Mary Frank moved to the United States with her mother, a painter, in 1940. She studied dance with Martha Graham and majored in dance at the Proffesional Children’s School in New York. In 1950, she met and married photographer Robert Frank (they later divorced in 1969). Although primarily a self-taught artist, around that time she began to study drawing with Hans Beckman. By the late 1960s and early 1970s, Frank began to work with clay the medium for which she is best known.
Frank comments on the notion of art’s function in society, “To comfort the dead, to awaken the living,…to make the eyes of children widen, to give courage, and never be afraid of tenderness or the absurd and to gather joy.”
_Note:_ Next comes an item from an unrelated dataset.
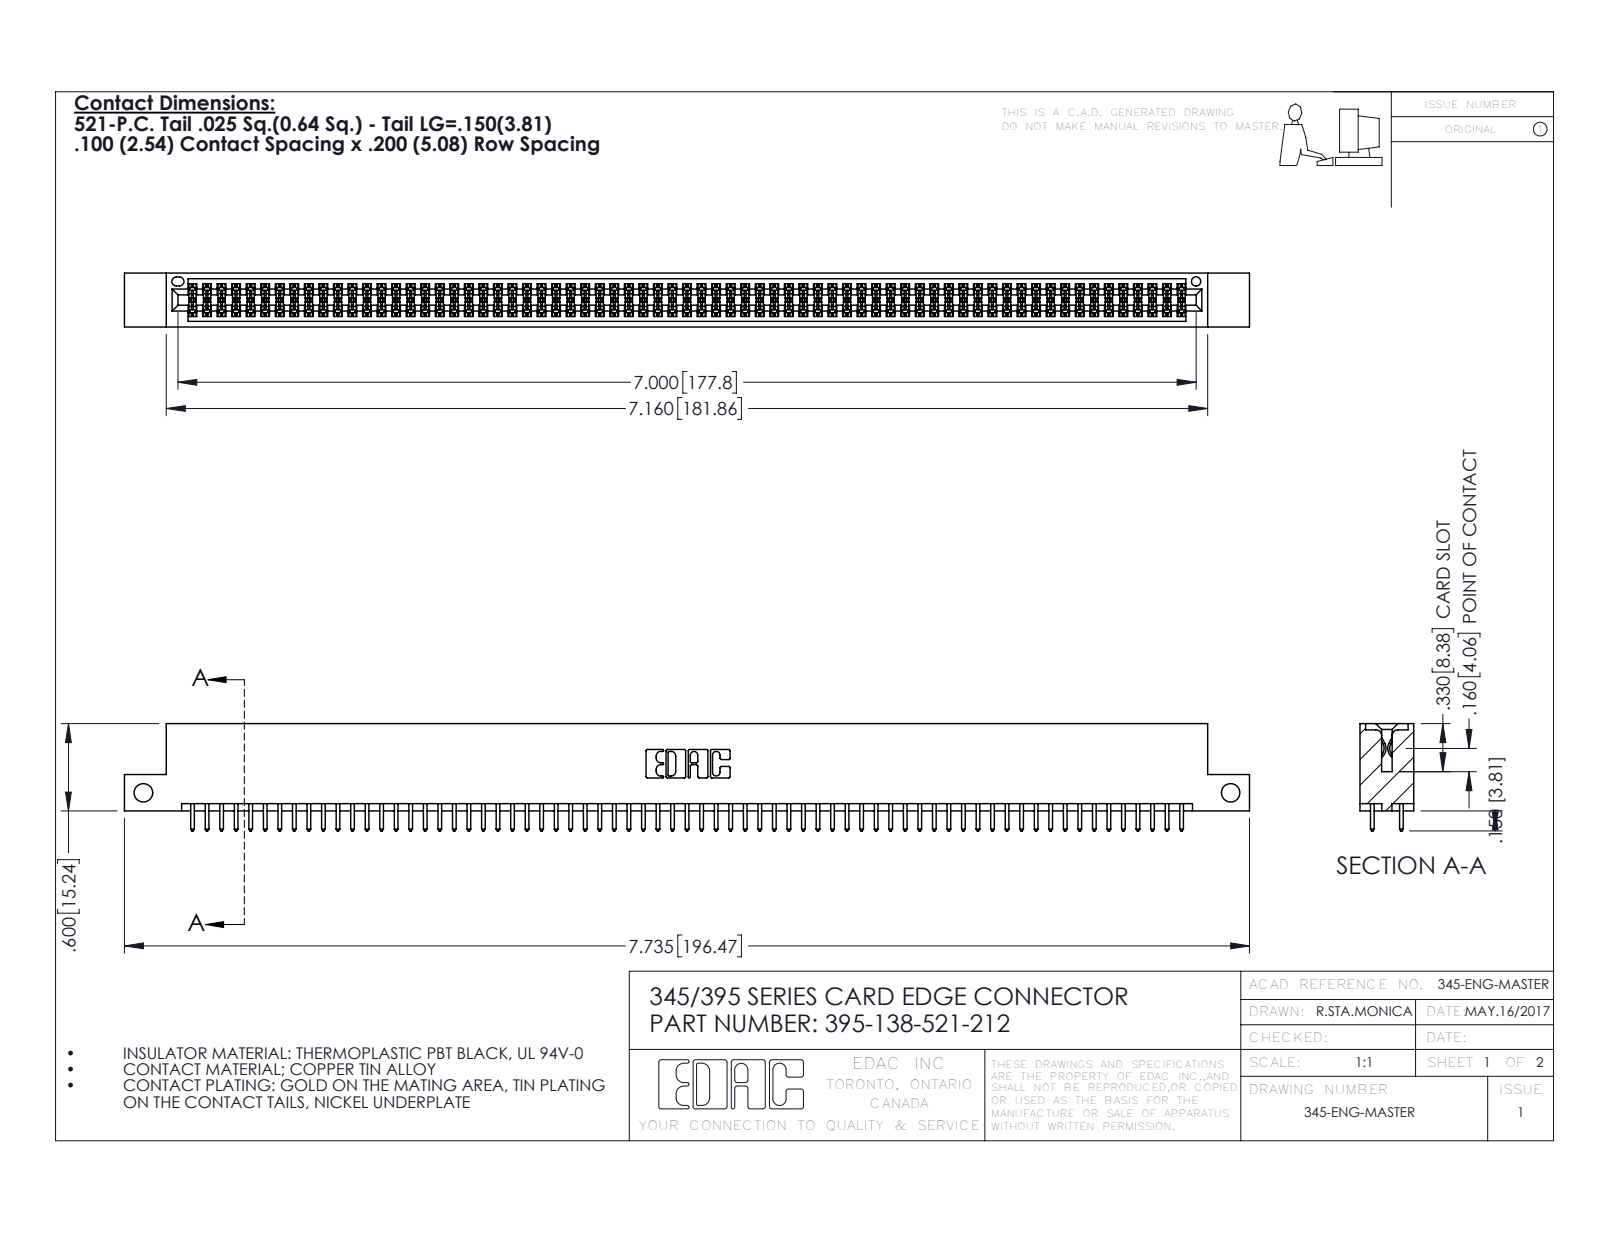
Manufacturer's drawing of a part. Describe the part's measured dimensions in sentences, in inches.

Over the span of her fifty year career, Frank’s sculpture and paintings have been collected by every major Museum in New York including the Metropolitan Museum of Art, the Modern Museum of Art, the Guggenheim Museum, the Whitney Museum of American Art, as well as the Fine Arts Museum Boston and the Fine Arts Museum San Francisco. She has exhibited at prestigious museums and sculpture parks including those above and DeCordova Museum and Sculpture Park, the National Gallery of Art, the Art Institute of Chicago, Philadelphia Museum of Art, Brooklyn Museum of Art, and Wave Hill Public Garden and Cultural Center. She has also received many honors such as the two Guggenheim awards, National Council on the Arts, Joan Mitchell Award, and the Brandeis University Creative Arts Award. Frank has also worked on set design for New York theater and illustrated children’s books. Mary Frank currently lives and works in upstate New York.